Coastal Texas City Installs Wireless Video Surveillance System

The city of Freeport, Texas has selected ADT Security Services to provide and install the first phase of a wireless video surveillance system to help reduce crime in a public housing project and a marina. Later planned phases of the system will help protect critical infrastructure in one of the nation’s largest ports and home to the fourth largest oil reserve and 29 chemical companies.

The project’s first phase, expected to take two months to complete, will include a wireless mesh network to transmit video from IP-based cameras located throughout the city to be recorded in city hall and monitored 24/7 in the nearby Freeport Police Department headquarters.

The first cameras will monitor a large housing project, where drug trafficking, vandalism and illegal dumping have been a concern. The system also will monitor Freeport’s public marina, providing boat owners with the capability to log onto an Internet site to check the security of their boats. An access control system will be installed to limit entry to the docks.

The second phase of the project will add cameras to monitor three bridges that provide the only vehicular access to the city located between the Gulf of Mexico and an intracoastal waterway. At that time, major chemical companies are also expected to link their surveillance cameras to provide a system capable of monitoring a larger area.

Later phases will expand the system to cover a sports complex, area high schools and the downtown shopping district.

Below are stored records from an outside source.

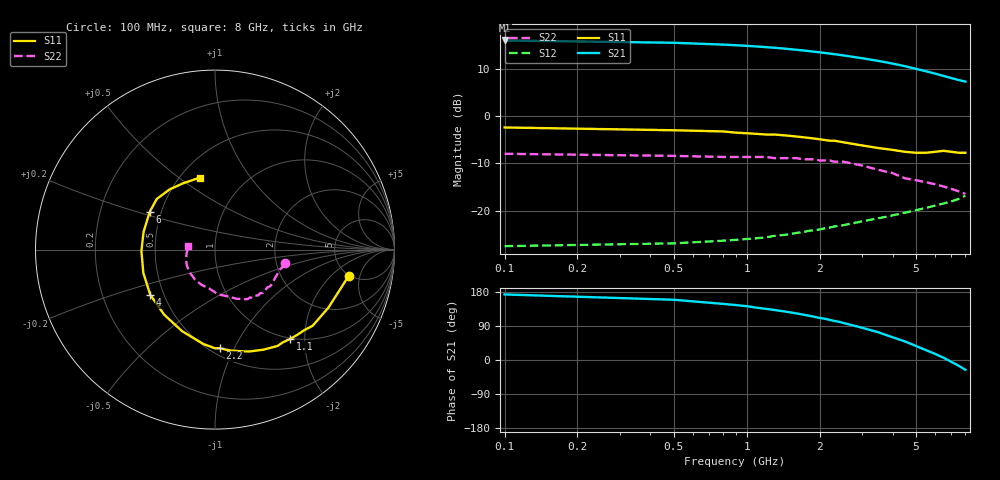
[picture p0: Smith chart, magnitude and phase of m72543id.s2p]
!  MGA-72543 S PARAMETERS
!  Vd=3V  Id=20 mA Vc=0.5V  LAST UPDATED 01-27-99
# ghz s ma r 50
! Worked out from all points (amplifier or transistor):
!   31 points, 100 MHz to 8 GHz, reference 50 ohm
!   highest |S21| = 16.1 dB at 100 MHz (marker M1)
!   |S21| within 3 dB of that: start of sweep to 2.373 GHz
!   unconditionally stable (mu >= 1): start of sweep to end of sweep
!   at 1.1 GHz: K = 1.16, MAG = 17.9 dB, |S12| = -25.8 dB
!   at 2.1 GHz: K = 1.17, MAG = 16.1 dB, |S12| = -23.7 dB
!   at 8 GHz: K = 1.33, MAG = 8.6 dB, |S12| = -16.8 dB
!   lowest NFmin = 1.30 dB at 800 MHz
!   S11 on the Smith chart (normalised r, x): 100 MHz: 4.94, -3.39; 1.1 GHz: 0.98, -1.70; 2.2 GHz: 0.56, -0.88; 4 GHz: 0.42, -0.26; 6 GHz: 0.43, +0.22; 8 GHz: 0.62, +0.60
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0.1  0.76 -11.0  6.35 173.0  0.042 18.0  0.4 -11.0
0.5  0.71 -27.0  6.001 159.0  0.045 12.0  0.38 -17.0
0.8  0.69 -38.0  5.738 148.0  0.048 15.0  0.37 -25.0
0.9  0.67 -42.0  5.65 145.0  0.049 16.0  0.37 -27.0
1  0.66 -46.0  5.569 142.0  0.05 17.0  0.37 -29.0
1.1  0.65 -50.0  5.481 138.0  0.051 18.0  0.37 -32.0
1.4  0.63 -60.0  5.231 129.0  0.055 19.0  0.36 -38.0
1.6  0.61 -67.0  5.064 123.0  0.058 19.0  0.36 -42.0
1.9  0.58 -77.0  4.826 114.0  0.062 20.0  0.35 -47.0
2.2  0.55 -87.0  4.613 106.0  0.066 19.0  0.34 -52.0
2.5  0.53 -97.0  4.412 98.0  0.07 18.0  0.33 -57.0
3  0.49 -112.0  4.112 85.0  0.077 16.0  0.3 -66.0
3.5  0.46 -128.0  3.851 73.0  0.083 13.0  0.27 -75.0
4  0.44 -145.0  3.613 60.0  0.089 10.0  0.25 -86.0
4.5  0.42 -162.0  3.391 49.0  0.095 6.0  0.22 -98.0
5  0.41 -179.0  3.179 37.0  0.101 2.0  0.21 -111.0
5.5  0.41 166.0  2.995 26.0  0.107 -1.0  0.2 -124.0
6  0.42 150.0  2.825 16.0  0.113 -5.0  0.19 -138.0
6.5  0.43 139.0  2.672 6.0  0.119 -10.0  0.18 -151.0
7  0.42 127.0  2.534 -5.0  0.125 -14.0  0.17 -162.0
7.5  0.41 116.0  2.42 -15.0  0.133 -18.0  0.16 -172.0
8  0.41 102.0  2.329 -26.0  0.144 -23.0  0.15 172.0
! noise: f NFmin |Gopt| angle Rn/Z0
0.8  1.3  0.37  39  0.25
1  1.32  0.35  41  0.22
1.8  1.38  0.22  58  0.2
2  1.39  0.21  65  0.19
2.2  1.41  0.2  71  0.19
2.4  1.43  0.2  78  0.18
3  1.45  0.18  95  0.17
4  1.47  0.16  139  0.14
5  1.54  0.18  -175  0.12
6  1.67  0.27  -129  0.14

The entire multimillion dollar project is expected to be completed in 2012.

Ty Morrow, chief of Freeport’s police, said the video surveillance system will help his department focus on high-crime locations and protect critical infrastructure that could be targeted by terrorists.

“Freeport is basically an island that is home to assets of critical importance to the nation’s economy,” he said. “This wireless video surveillance system will help us do our job of providing public safety by adding extra ‘eyes’ in the field.”

Sam Sutherland, ADT’s regional account manager, state and local government, praised the city for its innovative arrangement to pay for the security upgrade. Funding for the system will come from federal grants, the Freeport Economic Development Corp., Port Freeport, the local port authority, and the city’s major petrochemical companies.

“This is a situation where the politicians, the downtown business owners and the area’s chemical companies are all pulling together for the benefit of the entire city,” he said.